Tank - 90p (90 x 45 x 45) 1year and 7month old.
Lighting - Twinstar SM III (60% of power)
Filter - Oase 850 thermo; Eheim eXperience
Substrate: Tropica
CO2: 24/7 through in line diffusor (green drop checker)
Dosing philosofy: Estimated Index
Water change: 60-70% weekly
Fertilizers: Aqua rebell Estimated Index; Aqua rebell Eisen. / daily with dosing pump

Let's look at the numbers, as Aqua rebell claims:

1 ml Makro Basic Estimative Index per 40 litres of tank water adds the following nutrients:

NO3 0.92 mg/l
PO4 0.17 mg/l
K 0.70 mg/l

and recomends to add 5ml per 40liters, which should be in "golden zone" for EI target levels per my calculations per day:

NO3 4.6 mg/l
PO4 0.85 mg/l
K 3.5 mg/l

Dosing 7 times per week (5ml per 40ltr) this should be in total of:

NO3 32.2 mg/l
PO4 5.95 mg/l
K 24.5 mg/l

As my tank is 180liters, I've calculated I need to add daily 22ml macros to reach targeted levels above. The only issue is maybe a little too high PO4 level?

Regardin micro, as per Aqua rebell information, 10 ml Mikro Basic Eisenvolldünger per 100 litres of water add the following nutrients:
Fe 0.10 mg/l
As my target is 0.4mg/l, so I'm adding 4 times the dose, 40ml per 100 liters of water per week or 90ml per 180 liters.

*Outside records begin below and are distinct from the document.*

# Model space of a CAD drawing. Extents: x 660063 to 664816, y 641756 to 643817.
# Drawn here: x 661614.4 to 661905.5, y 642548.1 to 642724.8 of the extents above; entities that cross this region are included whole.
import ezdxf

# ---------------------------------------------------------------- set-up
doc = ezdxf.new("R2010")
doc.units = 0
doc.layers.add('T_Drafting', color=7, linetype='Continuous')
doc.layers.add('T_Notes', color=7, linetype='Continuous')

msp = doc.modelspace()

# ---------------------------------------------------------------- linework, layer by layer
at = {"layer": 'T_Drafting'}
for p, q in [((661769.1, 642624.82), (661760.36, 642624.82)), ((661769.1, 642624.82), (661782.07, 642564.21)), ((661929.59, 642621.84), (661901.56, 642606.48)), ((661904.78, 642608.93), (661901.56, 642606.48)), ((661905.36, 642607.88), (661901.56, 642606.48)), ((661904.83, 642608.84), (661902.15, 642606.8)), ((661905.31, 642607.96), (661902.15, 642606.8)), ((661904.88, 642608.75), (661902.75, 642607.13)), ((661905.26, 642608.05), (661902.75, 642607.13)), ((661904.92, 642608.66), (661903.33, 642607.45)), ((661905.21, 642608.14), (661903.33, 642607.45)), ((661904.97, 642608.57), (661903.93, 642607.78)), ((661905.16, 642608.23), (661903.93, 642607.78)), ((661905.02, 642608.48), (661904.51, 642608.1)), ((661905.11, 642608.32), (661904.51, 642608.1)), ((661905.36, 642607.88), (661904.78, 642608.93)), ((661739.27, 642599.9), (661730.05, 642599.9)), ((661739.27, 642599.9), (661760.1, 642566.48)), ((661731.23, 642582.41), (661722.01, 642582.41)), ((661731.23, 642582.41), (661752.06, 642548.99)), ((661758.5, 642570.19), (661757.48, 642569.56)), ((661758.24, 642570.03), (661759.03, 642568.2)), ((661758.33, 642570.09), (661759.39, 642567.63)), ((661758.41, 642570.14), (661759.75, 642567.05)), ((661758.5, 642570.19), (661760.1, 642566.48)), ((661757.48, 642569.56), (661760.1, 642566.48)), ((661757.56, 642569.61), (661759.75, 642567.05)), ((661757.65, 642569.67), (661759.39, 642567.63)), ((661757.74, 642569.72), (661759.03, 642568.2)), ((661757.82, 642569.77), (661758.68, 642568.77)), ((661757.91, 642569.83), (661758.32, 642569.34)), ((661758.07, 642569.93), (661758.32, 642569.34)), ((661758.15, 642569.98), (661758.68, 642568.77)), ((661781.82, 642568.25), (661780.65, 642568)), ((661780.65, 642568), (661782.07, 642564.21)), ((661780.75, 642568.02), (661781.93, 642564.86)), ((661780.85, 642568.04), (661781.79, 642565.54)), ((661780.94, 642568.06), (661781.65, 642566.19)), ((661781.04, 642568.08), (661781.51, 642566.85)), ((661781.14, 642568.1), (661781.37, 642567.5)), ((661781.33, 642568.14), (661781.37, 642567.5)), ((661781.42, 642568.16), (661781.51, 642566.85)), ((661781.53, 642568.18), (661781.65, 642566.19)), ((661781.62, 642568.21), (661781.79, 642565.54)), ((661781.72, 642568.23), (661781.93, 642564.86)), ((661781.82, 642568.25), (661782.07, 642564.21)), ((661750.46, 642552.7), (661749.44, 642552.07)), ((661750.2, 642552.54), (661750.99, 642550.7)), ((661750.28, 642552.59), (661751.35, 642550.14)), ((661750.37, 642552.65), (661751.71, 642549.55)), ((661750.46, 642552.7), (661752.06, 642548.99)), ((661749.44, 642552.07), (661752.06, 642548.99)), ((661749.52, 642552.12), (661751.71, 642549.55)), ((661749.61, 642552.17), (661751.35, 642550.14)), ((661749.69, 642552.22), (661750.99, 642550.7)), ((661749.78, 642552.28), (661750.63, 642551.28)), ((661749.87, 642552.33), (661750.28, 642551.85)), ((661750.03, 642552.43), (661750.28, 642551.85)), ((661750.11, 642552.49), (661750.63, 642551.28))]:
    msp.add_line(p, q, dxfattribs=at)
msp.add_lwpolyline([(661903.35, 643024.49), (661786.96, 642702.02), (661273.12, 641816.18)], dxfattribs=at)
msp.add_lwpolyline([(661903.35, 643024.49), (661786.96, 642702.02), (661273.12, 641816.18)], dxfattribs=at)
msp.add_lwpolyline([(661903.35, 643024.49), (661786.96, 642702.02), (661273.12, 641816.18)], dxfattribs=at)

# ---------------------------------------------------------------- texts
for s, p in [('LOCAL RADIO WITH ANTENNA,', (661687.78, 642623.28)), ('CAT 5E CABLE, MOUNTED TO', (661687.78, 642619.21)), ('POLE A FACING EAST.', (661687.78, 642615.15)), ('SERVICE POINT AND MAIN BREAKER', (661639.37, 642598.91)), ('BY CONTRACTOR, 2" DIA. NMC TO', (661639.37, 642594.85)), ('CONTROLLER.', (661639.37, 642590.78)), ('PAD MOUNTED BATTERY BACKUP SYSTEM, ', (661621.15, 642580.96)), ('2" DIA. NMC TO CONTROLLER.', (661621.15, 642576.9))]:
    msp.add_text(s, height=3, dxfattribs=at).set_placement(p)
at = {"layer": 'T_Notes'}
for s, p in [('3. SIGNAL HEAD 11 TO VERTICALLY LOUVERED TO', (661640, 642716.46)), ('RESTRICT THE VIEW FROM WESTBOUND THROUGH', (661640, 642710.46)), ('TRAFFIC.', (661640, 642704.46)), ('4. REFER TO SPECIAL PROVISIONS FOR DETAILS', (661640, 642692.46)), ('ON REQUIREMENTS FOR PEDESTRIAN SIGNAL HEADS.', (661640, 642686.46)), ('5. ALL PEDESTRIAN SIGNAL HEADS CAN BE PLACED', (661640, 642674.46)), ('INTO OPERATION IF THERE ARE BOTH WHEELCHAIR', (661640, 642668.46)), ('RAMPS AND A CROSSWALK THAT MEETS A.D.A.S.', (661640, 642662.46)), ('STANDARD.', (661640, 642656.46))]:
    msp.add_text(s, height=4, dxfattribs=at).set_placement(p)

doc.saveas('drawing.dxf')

As of the problems in the tank, main issue is the lack of growth in all the plants, especially the quicker ones like Myrophyllum mattogrossense. These are getting really pale, yellowish and even whitish. There are alot of GSA (green spot algae on the glass, sadly quite a lot of BBA, and some GBA.
 
First thing I'll ask is for a picture. Sometimes pictures say a thousand words.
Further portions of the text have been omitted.